Graham Sutherland OM

Feeding a Steel Furnace


Not on display

Graham Sutherland OM 1903–1980
Oil paint on canvas
Support: 902 × 864 mm
frame: 1156 × 1097 × 77 mm
Presented by the War Artists Advisory Committee 1946

Catalogue entry

Graham Sutherland 1903-80

Feeding a Steel Furnace 1941-2


Oil on canvas 902 x 864 (35 1/2 x 34)

Presented by the War Artists Advisory Committee 1946

?National War Pictures, National Gallery, London 1942 (changing display, no cat.)
?National War Pictures, provincial tour 1943-4, either 3rd Selection, Walker Art Gallery, Liverpool, Jan. 1943, Warrington Municipal Museum and Art Gallery, Feb.-March, Lady Lever Art Gallery, Port Sunlight, March-April, Williamson Art Gallery, Birkenhead, April, Derby Museum and Art Gallery, May, Salford Art Gallery and Museum, June, Rochdale Art Gallery and Museum, July, Cartwright Memorial Hall, Bradford, Aug.-Sept., Usher Art Gallery and City Museum, Lincoln, Sept.-Oct., Oldham Municipal Art Gallery, Oct.-Nov. 1943, Doncaster Art Gallery and Museum, Jan.-Feb. 1944, or 4th Selection, Harris Museum and Art Gallery, Preston, Jan. 1943, Oldham Municipal Art Gallery, Feb., Bankfield Museum, Halifax, March-April, Graves Art Gallery, Sheffield, May, Mansfield Museum & Art Gallery, June, Stoke-on-Trent Public Museum & Art Gallery, July, Wolverhampton Municipal Museum & Art Gallery, Aug.-Sept., Hereford Public Library, Museum & Art Gallery, Sept.-Oct., Victoria Art Gallery, Bath, Oct.-Nov., Bristol Museum & Art Gallery, Dec. 1943-Jan. 1944
?National War Pictures, National Gallery, London 1944-5 (changing display, no cat.)
National War Pictures, Royal Academy, London, Oct.-Nov. 1945 (322)
Modern British Pictures from the Tate Gallery, British Council tour, 1946-7, Palais des beaux-arts, Brussels, Jan.-Feb. 1946 (110), Stedelijk Museum, Amsterdam, March (110), Raadhushallen, Copenhagen, April-May (110), Musée de Jeu de Paume, Paris, June-July (110), Musée des beaux arts, Berne, Aug. (112), Akademie der Bildenden Kunste, Vienna, Sept. (113), Narodni Galerie, Prague, Oct.-Nov. (113), Muzeum Narodne, Warsaw, Nov.-Dec. (113), Galleria d’arte moderna, Rome, Jan.-Feb. 1947 (113)
Continental Exhibition: Modern British Pictures from the Tate Gallery Exhibited Under the Auspices of the British Council, Tate Gallery, London, May-Sept.1947
Modern British Pictures from the Tate Gallery, Arts Council tour, Leicester Museum and Art Gallery, Sept.-Oct.1947, Graves Art Gallery, Sheffield, Oct.-Nov., Birmingham City Museum and Art Gallery, Nov.-Dec., Birkenhead, Williamson Art Gallery, Jan.1948, Bristol City Art Gallery, Jan.-Feb. 1948, Russell-Cotes Art Gallery, Bournemouth, Feb.-March, Brighton Art Gallery and Museum, March-April, Plymouth City Art Gallery, April-May, Castle Museum, Nottingham, May-June, Huddersfield Museum and Art Gallery, June-July, Aberdeen Art Gallery, July-Aug., Salford Art Gallery and Museum, Aug.-Sept. (69, repr. pl.12)
Graham Sutherland, Tate Gallery, London, May-July 1982 (96, repr.)
Graham Sutherland, Mathildenhöhe, Darmstadt, Aug.-Sept. 1982 (122, repr. p.115)
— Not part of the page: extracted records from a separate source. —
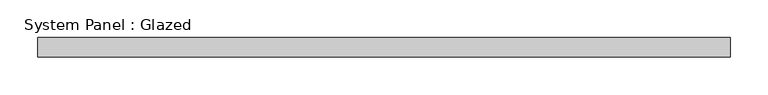
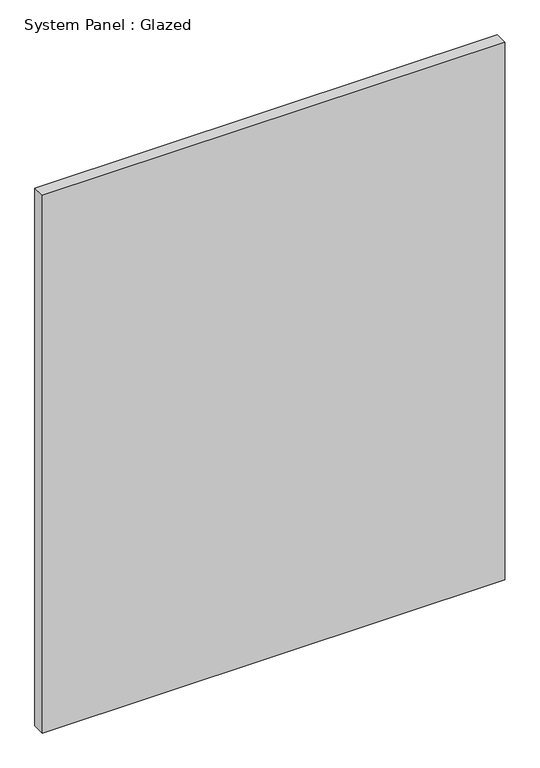
"""IFC4 building model written with IfcOpenShell, lengths in millimetres: plate geometry, System Panel : Glazed."""

from ifc_helpers import new_model, si_unit, origin, origin_with_axes, place, context, project, spatial, polyline, outline, extrude, source, transform, mapped, element, save


def system_panel_glazed_1925881f(model_context):
    return source(origin(), model_context, "Body", "SweptSolid", [
        extrude(outline(polyline([(457.2, 19.05), (-457.2, 19.05), (-457.2, 44.45), (457.2, 44.45), (457.2, 19.05)])), origin_with_axes(), (0.0, 0.0, 1.0), 1123.95),
    ])


if __name__ == "__main__":
    model = new_model("IFC4")
    model_context = context("Model", 3, world=origin())
    ifc_project = project(units=[si_unit("LENGTHUNIT", "METRE", prefix="MILLI")], contexts=[model_context])
    site = spatial("IfcSite", under=ifc_project)
    building = spatial("IfcBuilding", under=site)
    placement = place(None, origin())
    system_panel_glazed_shape = system_panel_glazed_1925881f(model_context)
    element("IfcPlate", 1, ObjectType="System Panel : Glazed", at=placement, inside=building, context=model_context, shape_type="MappedRepresentation", body=[
        mapped(system_panel_glazed_shape, transform((0.0, 0.0, 0.0), x_axis=(1.0, 0.0, 0.0), y_axis=(0.0, 1.0, 0.0), z_axis=(0.0, 0.0, 1.0))),
    ])
    save(model, "model.ifc")

# Revit data of these elements
# Element 1 (IfcPlate, "System Panel : Glazed")
#   Materials on its faces: "Glass"
# Materials
#   "Glass": class "Glass", colour RGB 0 128 192, transparency 0.75

Cecil Beaton, War Pictures by British Artists, Second Series, No.2: Production, London 1943, p.6, pl.36
Mary Chamot, Dennis Farr and Martin Butlin, Tate Gallery: The Modern British Paintings, Drawings and Sculpture, II, London 1965, p.705

Sutherland: Disegni di guerra, exh. cat., British Council, Palazzo Reale, Milan 1979, pl.113, p.117, republished as Roberto Tassi, Sutherland: The Wartime Drawings, trans. Julian Andrews, London 1980, p.121, pl.113

Sutherland’s third six-month contract with the War Artists Advisory Committee began on 1 August 1941, at which time he was completing the last of his paintings of bomb damage in London. He continued to be assigned to Supply and Home Security subjects but, with the Blitz over, was directed towards industrial production for his next works; it was noted that he ‘already had specific factories in mind’.[1] Having returned to Kent from a few days holiday in Pembrokeshire on 15 September, it was suggested that he might go to Cardiff to paint steel works for arms production.[2] He went to the Guest, Keen and Baldwin Steel Works near Cardiff later that month and on 29 October the WAAC noted that he was ‘now back [from Wales and] ... had secured much promising material’.[3] On 15 December the artist’s wife Kathleen told the secretary of the WAAC, E.M. O’Rourke Dickey, that Sutherland had been ready to deliver four large paintings and some smaller ones but had been advised by Sir Kenneth Clark, WAAC chairman, to keep them until the New Year as there were ‘one or two alterations to be made to two of them’.[4] Eventually, seven paintings were accepted by the WAAC on 21 January 1942: Feeding a Steel Furnace was allocated the number LD1767 alongside LD1768, A Foundry: Hot Metal has been Poured into a Mould and Inflammable Gas is Rising (Tate Gallery N05739), LD1769, Tapping a Blast Furnace (Tate Gallery N05740), LD1770, Teeming Pit: Tapping a Steel Furnace (Imperial War Museum),[5] LD1771, Blast Furnace - exterior (Birmingham Museums & Art Gallery),[6] LD1772, Mouth of Hot Metal Container (Manchester City Art Gallery)[7] and LD 1773, Slag Ladles (Imperial War Museum).[8] As it is not possible to identify positively the two works that were worked on during January 1942, all seven may be dated 1941-2.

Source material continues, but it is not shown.